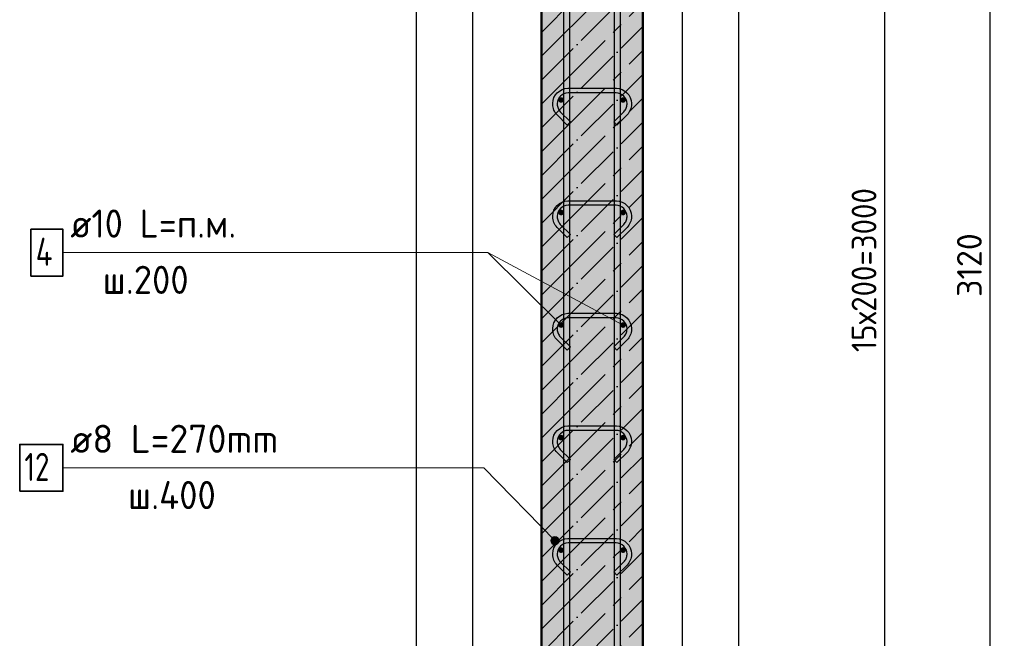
# Model space of a CAD drawing. Header units: millimetres. Extents: x -27380 to 48638, y 46540 to 72525.
# Tile 96 of 106: x 29334 to 31083, y 68292 to 69392. Entities that reach past the tile are written whole.
import ezdxf

# ---------------------------------------------------------------- set-up
doc = ezdxf.new("R2010")
doc.units = ezdxf.units.MM
doc.header["$PDMODE"] = 65
doc.linetypes.add('______11', pattern=[100, 80, -10, 0, -10])
doc.linetypes.add('______5', pattern=[220, 160, -20, 20, -20])
for name, color, linetype, lineweight in [('Standard', 7, 'Continuous', 25), ('Арм.стержн. вертикальными 1', 22, 'Continuous', 35), ('Арм.стержн.горизонт. 1', 180, 'Continuous', 35), ('Размерная линия_ общее', 7, 'Continuous', 13), ('Текст_ примечание', 7, 'Continuous', 13)]:
    doc.layers.add(name, color=color, linetype=linetype, lineweight=lineweight)
doc.layers.add('Арм.стержн.Стяжки', color=7, linetype='Continuous', lineweight=35, true_color=0x501e0f)
doc.styles.add('ISOCPEUR', font='ISOCPEUR')
doc.dimstyles.new('DIMSTYLE_7', dxfattribs={"dimtxt": 44, "dimasz": 50, "dimexe": 0, "dimexo": 0, "dimgap": 22, "dimtad": 2, "dimdec": 0, "dimrnd": 5, "dimzin": 12, "dimdsep": 46, "dimtxsty": 'ISOCPEUR', "dimblk1": 'ALL_ML_STRICH', "dimblk2": 'ALL_ML_STRICH', "dimsah": 1, "dimcen": 0, "dimclrd": 7, "dimclre": 256, "dimclrt": 7, "dimadec": 0, "dimazin": 0, "dimtfac": 1, "dimtdec": 0, "dimtix": 1, "dimtmove": 2, "dimatfit": 3, "dimfxl": 0, "dimtzin": 0, "dimlwd": 0, "dimlwe": -3, "dimarcsym": 0})

# ---------------------------------------------------------------- blocks, each defined once
blk = doc.blocks.new('ALL_ML_STRICH')
at = {"color": 0, "linetype": 'ByBlock', "lineweight": -2}
for p, q in [((0, -0.5), (0, 0.5)), ((-1, 0), (0.5, 0)), ((-0.3, -0.3), (0.3, 0.3))]:
    blk.add_line(p, q, dxfattribs=at)
blk = doc.blocks.new('*D74')
at = {"layer": 'DEFPOINTS', "color": 7, "linetype": 'Continuous', "lineweight": 13, "transparency": 33554687}
for p in [(30405.6, 70449), (30405.6, 67449), (30870.6, 67449)]:
    blk.add_point(p, dxfattribs=at)
at = {"layer": 'Размерная линия_ общее', "color": 253, "linetype": 'Continuous', "lineweight": -2, "true_color": 0xa0a0a0, "transparency": 33554687}
for p, q in [((30425.6, 70449), (30870.6, 70449)), ((30425.6, 67449), (30870.6, 67449))]:
    blk.add_line(p, q, dxfattribs=at)
at = {"layer": 'Размерная линия_ общее', "color": 7, "linetype": 'Continuous', "lineweight": -2, "transparency": 33554687}
blk.add_line((30870.6, 67449), (30870.6, 70449), dxfattribs=at)
at = {"layer": 'Размерная линия_ общее', "color": 7, "linetype": 'Continuous', "lineweight": 13, "transparency": 33554687, "xscale": 50, "yscale": 50, "zscale": 50}
for p, rotation in [((30870.6, 70449), 90), ((30870.6, 67449), 270)]:
    blk.add_blockref('ALL_ML_STRICH', p, dxfattribs=dict(at, rotation=rotation))
at = {"layer": 'Размерная линия_ общее', "color": 7, "linetype": 'Continuous', "lineweight": 13, "transparency": 33554687, "insert": (30811.6, 68801), "char_height": 44, "width": 2.2, "attachment_point": 1, "rotation": 90, "line_spacing_factor": 0.60241, "style": 'ISOCPEUR'}
blk.add_mtext('\\W0.91;15х200=3000', dxfattribs=at)
blk = doc.blocks.new('*D83')
at = {"layer": 'DEFPOINTS', "color": 7, "linetype": 'Continuous', "lineweight": 13, "transparency": 33554687}
for p in [(30440.6, 70509), (30488.5, 67389), (31057.8, 67389)]:
    blk.add_point(p, dxfattribs=at)
at = {"layer": 'Размерная линия_ общее', "color": 253, "linetype": 'Continuous', "lineweight": -2, "true_color": 0xa0a0a0, "transparency": 33554687}
for p, q in [((30460.6, 70509), (31057.8, 70509)), ((30508.5, 67389), (31057.8, 67389))]:
    blk.add_line(p, q, dxfattribs=at)
at = {"layer": 'Размерная линия_ общее', "color": 7, "linetype": 'Continuous', "lineweight": -2, "transparency": 33554687}
blk.add_line((31057.8, 67389), (31057.8, 70509), dxfattribs=at)
at = {"layer": 'Размерная линия_ общее', "color": 7, "linetype": 'Continuous', "lineweight": 13, "transparency": 33554687, "xscale": 50, "yscale": 50, "zscale": 50}
for p, rotation in [((31057.8, 70509), 90), ((31057.8, 67389), 270)]:
    blk.add_blockref('ALL_ML_STRICH', p, dxfattribs=dict(at, rotation=rotation))
at = {"layer": 'Размерная линия_ общее', "color": 7, "linetype": 'Continuous', "lineweight": 13, "transparency": 33554687, "insert": (31020.8, 68955.6), "char_height": 44, "width": 176, "attachment_point": 5, "rotation": 90, "style": 'ISOCPEUR'}
blk.add_mtext('\\A1;{3120}', dxfattribs=at)

msp = doc.modelspace()

# ---------------------------------------------------------------- hatches: boundary and pattern name
at = {"layer": 'Арм.стержн.горизонт. 1', "linetype": 'Continuous', "lineweight": 50, "transparency": 33554687}
for points in [[(30300.6, 69249), (30300.2, 69251), (30299.1, 69252.6), (30297.5, 69253.7), (30295.6, 69254), (30293.6, 69253.7), (30292, 69252.6), (30290.9, 69251), (30290.6, 69249), (30290.9, 69247.1), (30292, 69245.5), (30293.6, 69244.4), (30295.6, 69244), (30297.5, 69244.4), (30299.1, 69245.5), (30300.2, 69247.1)], [(30410.6, 69249), (30410.2, 69251), (30409.1, 69252.6), (30407.5, 69253.7), (30405.6, 69254), (30403.6, 69253.7), (30402, 69252.6), (30400.9, 69251), (30400.6, 69249), (30400.9, 69247.1), (30402, 69245.5), (30403.6, 69244.4), (30405.6, 69244), (30407.5, 69244.4), (30409.1, 69245.5), (30410.2, 69247.1)], [(30300.6, 69049), (30300.2, 69051), (30299.1, 69052.6), (30297.5, 69053.7), (30295.6, 69054), (30293.6, 69053.7), (30292, 69052.6), (30290.9, 69051), (30290.6, 69049), (30290.9, 69047.1), (30292, 69045.5), (30293.6, 69044.4), (30295.6, 69044), (30297.5, 69044.4), (30299.1, 69045.5), (30300.2, 69047.1)], [(30410.6, 69049), (30410.2, 69051), (30409.1, 69052.6), (30407.5, 69053.7), (30405.6, 69054), (30403.6, 69053.7), (30402, 69052.6), (30400.9, 69051), (30400.6, 69049), (30400.9, 69047.1), (30402, 69045.5), (30403.6, 69044.4), (30405.6, 69044), (30407.5, 69044.4), (30409.1, 69045.5), (30410.2, 69047.1)], [(30300.6, 68849), (30300.2, 68851), (30299.1, 68852.6), (30297.5, 68853.7), (30295.6, 68854), (30293.6, 68853.7), (30292, 68852.6), (30290.9, 68851), (30290.6, 68849), (30290.9, 68847.1), (30292, 68845.5), (30293.6, 68844.4), (30295.6, 68844), (30297.5, 68844.4), (30299.1, 68845.5), (30300.2, 68847.1)], [(30410.6, 68849), (30410.2, 68851), (30409.1, 68852.6), (30407.5, 68853.7), (30405.6, 68854), (30403.6, 68853.7), (30402, 68852.6), (30400.9, 68851), (30400.6, 68849), (30400.9, 68847.1), (30402, 68845.5), (30403.6, 68844.4), (30405.6, 68844), (30407.5, 68844.4), (30409.1, 68845.5), (30410.2, 68847.1)], [(30300.6, 68649), (30300.2, 68651), (30299.1, 68652.6), (30297.5, 68653.7), (30295.6, 68654), (30293.6, 68653.7), (30292, 68652.6), (30290.9, 68651), (30290.6, 68649), (30290.9, 68647.1), (30292, 68645.5), (30293.6, 68644.4), (30295.6, 68644), (30297.5, 68644.4), (30299.1, 68645.5), (30300.2, 68647.1)], [(30410.6, 68649), (30410.2, 68651), (30409.1, 68652.6), (30407.5, 68653.7), (30405.6, 68654), (30403.6, 68653.7), (30402, 68652.6), (30400.9, 68651), (30400.6, 68649), (30400.9, 68647.1), (30402, 68645.5), (30403.6, 68644.4), (30405.6, 68644), (30407.5, 68644.4), (30409.1, 68645.5), (30410.2, 68647.1)], [(30300.6, 68449), (30300.2, 68451), (30299.1, 68452.6), (30297.5, 68453.7), (30295.6, 68454), (30293.6, 68453.7), (30292, 68452.6), (30290.9, 68451), (30290.6, 68449), (30290.9, 68447.1), (30292, 68445.5), (30293.6, 68444.4), (30295.6, 68444), (30297.5, 68444.4), (30299.1, 68445.5), (30300.2, 68447.1)], [(30410.6, 68449), (30410.2, 68451), (30409.1, 68452.6), (30407.5, 68453.7), (30405.6, 68454), (30403.6, 68453.7), (30402, 68452.6), (30400.9, 68451), (30400.6, 68449), (30400.9, 68447.1), (30402, 68445.5), (30403.6, 68444.4), (30405.6, 68444), (30407.5, 68444.4), (30409.1, 68445.5), (30410.2, 68447.1)]]:
    msp.add_hatch(color=4, dxfattribs=at).paths.add_polyline_path(points)
at = {"layer": 'Арм.стержн.Стяжки', "linetype": 'Continuous', "lineweight": 13, "transparency": 33554687}
for points in [[(30282.7, 68473.1), (30277.4, 68467.9), (30277.3, 68464.1)], [(30282.7, 68473.1), (30277.3, 68464.1), (30286.5, 68473.1)], [(30286.5, 68473.1), (30277.3, 68464.1), (30279.2, 68460.7)], [(30277.4, 68467.9), (30282.7, 68473.1), (30279.3, 68471.3)], [(30286.5, 68473.1), (30279.2, 68460.7), (30289.9, 68471.2)], [(30289.9, 68471.2), (30279.2, 68460.7), (30282.6, 68458.7)], [(30289.9, 68471.2), (30282.6, 68458.7), (30291.8, 68467.7)], [(30291.8, 68467.7), (30282.6, 68458.7), (30286.4, 68458.7)], [(30291.8, 68467.7), (30286.4, 68458.7), (30291.8, 68463.9)], [(30291.8, 68463.9), (30286.4, 68458.7), (30289.8, 68460.6)]]:
    msp.add_hatch(color=7, dxfattribs=at).paths.add_polyline_path(points)
at = {"layer": 'Размерная линия_ общее', "linetype": 'Continuous', "lineweight": -3, "transparency": 33554687}
msp.add_hatch(color=7, dxfattribs=at).paths.add_polyline_path([(30440.6, 70509), (30260.6, 70509), (30260.6, 67389), (30440.6, 67389)])

# ---------------------------------------------------------------- linework, layer by layer
at = {"color": 52, "linetype": 'Continuous', "lineweight": -3, "transparency": 33554687}
for p, q in [((30138, 71832.3), (30138, 67220)), ((30138, 71832.3), (30138, 67220)), ((30511.3, 67220), (30511.3, 71832.3)), ((30511.3, 67220), (30511.3, 71832.3))]:
    msp.add_line(p, q, dxfattribs=at)
at = {"layer": 'Standard', "color": 7, "linetype": 'Continuous', "lineweight": -3, "transparency": 33554687}
msp.add_lwpolyline([(30038, 67120), (30611.3, 67120), (30611.3, 71932.3), (30038, 71932.3), (30038, 67120)], dxfattribs=at)
at = {"layer": 'Арм.стержн. вертикальными 1', "color": 4, "linetype": 'Continuous', "lineweight": 25, "transparency": 33554687}
for points in [[(30300.6, 67389), (30300.6, 71519), (30310.6, 71519), (30310.6, 67389), (30300.6, 67389)], [(30300.6, 67389), (30300.6, 71519), (30310.6, 71519), (30310.6, 67389), (30300.6, 67389)], [(30300.6, 67389), (30300.6, 71519), (30310.6, 71519), (30310.6, 67389), (30300.6, 67389)], [(30390.6, 67389), (30390.6, 71519), (30400.6, 71519), (30400.6, 67389), (30390.6, 67389)], [(30390.6, 67389), (30390.6, 71519), (30400.6, 71519), (30400.6, 67389), (30390.6, 67389)], [(30390.6, 67389), (30390.6, 71519), (30400.6, 71519), (30400.6, 67389), (30390.6, 67389)]]:
    msp.add_lwpolyline(points, dxfattribs=at)
at = {"layer": 'Арм.стержн.горизонт. 1', "color": 52, "linetype": 'Continuous', "lineweight": 50, "transparency": 33554687}
for p, q in [((30260.6, 70509), (30260.6, 67389)), ((30440.6, 70509), (30440.6, 67389))]:
    msp.add_line(p, q, dxfattribs=at)
at = {"layer": 'Арм.стержн.горизонт. 1', "color": 7, "linetype": 'Continuous', "lineweight": 13, "transparency": 33554687}
for p, q in [((29410.5, 68977.7), (30165.5, 68977.7)), ((30165.5, 68977.7), (30295.6, 68849))]:
    msp.add_line(p, q, dxfattribs=at)
at = {"layer": 'Арм.стержн.горизонт. 1', "color": 7, "linetype": 'Continuous', "lineweight": 35, "transparency": 33554687}
msp.add_lwpolyline([(29353.8, 68936.1), (29410.5, 68936.1), (29410.5, 69019.4), (29353.8, 69019.4), (29353.8, 68936.1)], dxfattribs=at)
at = {"layer": 'Арм.стержн.Стяжки', "color": 7, "linetype": 'Continuous', "lineweight": 13, "transparency": 33554687}
for p, q in [((29410.5, 68595.2), (30158, 68595.2)), ((30158, 68595.2), (30284.6, 68465.9)), ((30279.2, 68460.7), (30279.2, 68460.7)), ((30279.3, 68471.3), (30279.3, 68471.3)), ((30289.8, 68460.6), (30289.8, 68460.6)), ((30289.9, 68471.2), (30289.9, 68471.2))]:
    msp.add_line(p, q, dxfattribs=at)
at = {"layer": 'Арм.стержн.Стяжки', "color": 40, "linetype": 'Continuous', "lineweight": 25, "transparency": 33554687}
for points in [[(30389.1, 69210.2), (30407, 69228), (30408.2, 69229.5), (30409.3, 69231), (30410.3, 69232.6), (30411, 69234.3), (30411.7, 69236), (30412.1, 69237.8), (30412.4, 69239.6), (30412.6, 69241.5), (30412.6, 69242.7), (30412.1, 69246.3), (30410.9, 69250), (30409, 69253.3), (30406.7, 69256), (30404, 69258.3), (30400.6, 69260.2), (30396.9, 69261.4), (30393.3, 69261.9), (30307.8, 69261.9), (30304.2, 69261.4), (30300.5, 69260.2), (30297.2, 69258.3), (30294.4, 69256), (30292.1, 69253.3), (30290.3, 69250), (30289.1, 69246.3), (30288.6, 69242.7), (30288.6, 69241.5), (30288.7, 69239.6), (30289, 69237.8), (30289.5, 69236), (30290.1, 69234.3), (30290.9, 69232.6), (30291.8, 69231), (30292.9, 69229.5), (30294.1, 69228), (30312, 69210.2), (30306.4, 69204.5), (30288.3, 69222.6), (30286.6, 69224.5), (30285.1, 69226.6), (30283.8, 69228.9), (30282.7, 69231.2), (30281.8, 69233.6), (30281.2, 69236.1), (30280.7, 69238.7), (30280.6, 69241.2), (30280.6, 69243.2), (30281.2, 69248.1), (30282.9, 69253.2), (30285.5, 69257.9), (30288.8, 69261.7), (30292.6, 69264.9), (30297.3, 69267.6), (30302.4, 69269.2), (30307.2, 69269.9), (30393.9, 69269.9), (30398.8, 69269.2), (30403.8, 69267.6), (30408.5, 69264.9), (30412.4, 69261.7), (30415.6, 69257.9), (30418.2, 69253.2), (30419.9, 69248.1), (30420.6, 69243.2), (30420.6, 69241.2), (30420.4, 69238.7), (30420, 69236.1), (30419.3, 69233.6), (30418.4, 69231.2), (30417.3, 69228.9), (30416, 69226.6), (30414.5, 69224.5), (30412.8, 69222.6), (30394.8, 69204.5), (30389.1, 69210.2)], [(30389.1, 69010.2), (30407, 69028), (30408.2, 69029.5), (30409.3, 69031), (30410.3, 69032.6), (30411, 69034.3), (30411.7, 69036), (30412.1, 69037.8), (30412.4, 69039.6), (30412.6, 69041.5), (30412.6, 69042.7), (30412.1, 69046.3), (30410.8, 69050), (30409, 69053.3), (30406.7, 69056), (30404, 69058.3), (30400.6, 69060.2), (30396.9, 69061.4), (30393.3, 69061.9), (30307.8, 69061.9), (30304.2, 69061.4), (30300.5, 69060.2), (30297.2, 69058.3), (30294.4, 69056), (30292.1, 69053.3), (30290.3, 69050), (30289.1, 69046.3), (30288.6, 69042.7), (30288.6, 69041.5), (30288.7, 69039.6), (30289, 69037.8), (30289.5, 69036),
══════
### WORK REQUIRED
Return word for word the lines above from the line with "# Tile 96 of" to the line with "doc.linetypes.add('______5', pattern=[220, 160, -20, 20, -20])", including both and leaving out all others.

### EXERCISE RESPONSE
# Tile 96 of 106: x 29334 to 31083, y 68292 to 69392. Entities that reach past the tile are written whole.
import ezdxf

# ---------------------------------------------------------------- set-up
doc = ezdxf.new("R2010")
doc.units = ezdxf.units.MM
doc.header["$PDMODE"] = 65
doc.linetypes.add('______11', pattern=[100, 80, -10, 0, -10])
doc.linetypes.add('______5', pattern=[220, 160, -20, 20, -20])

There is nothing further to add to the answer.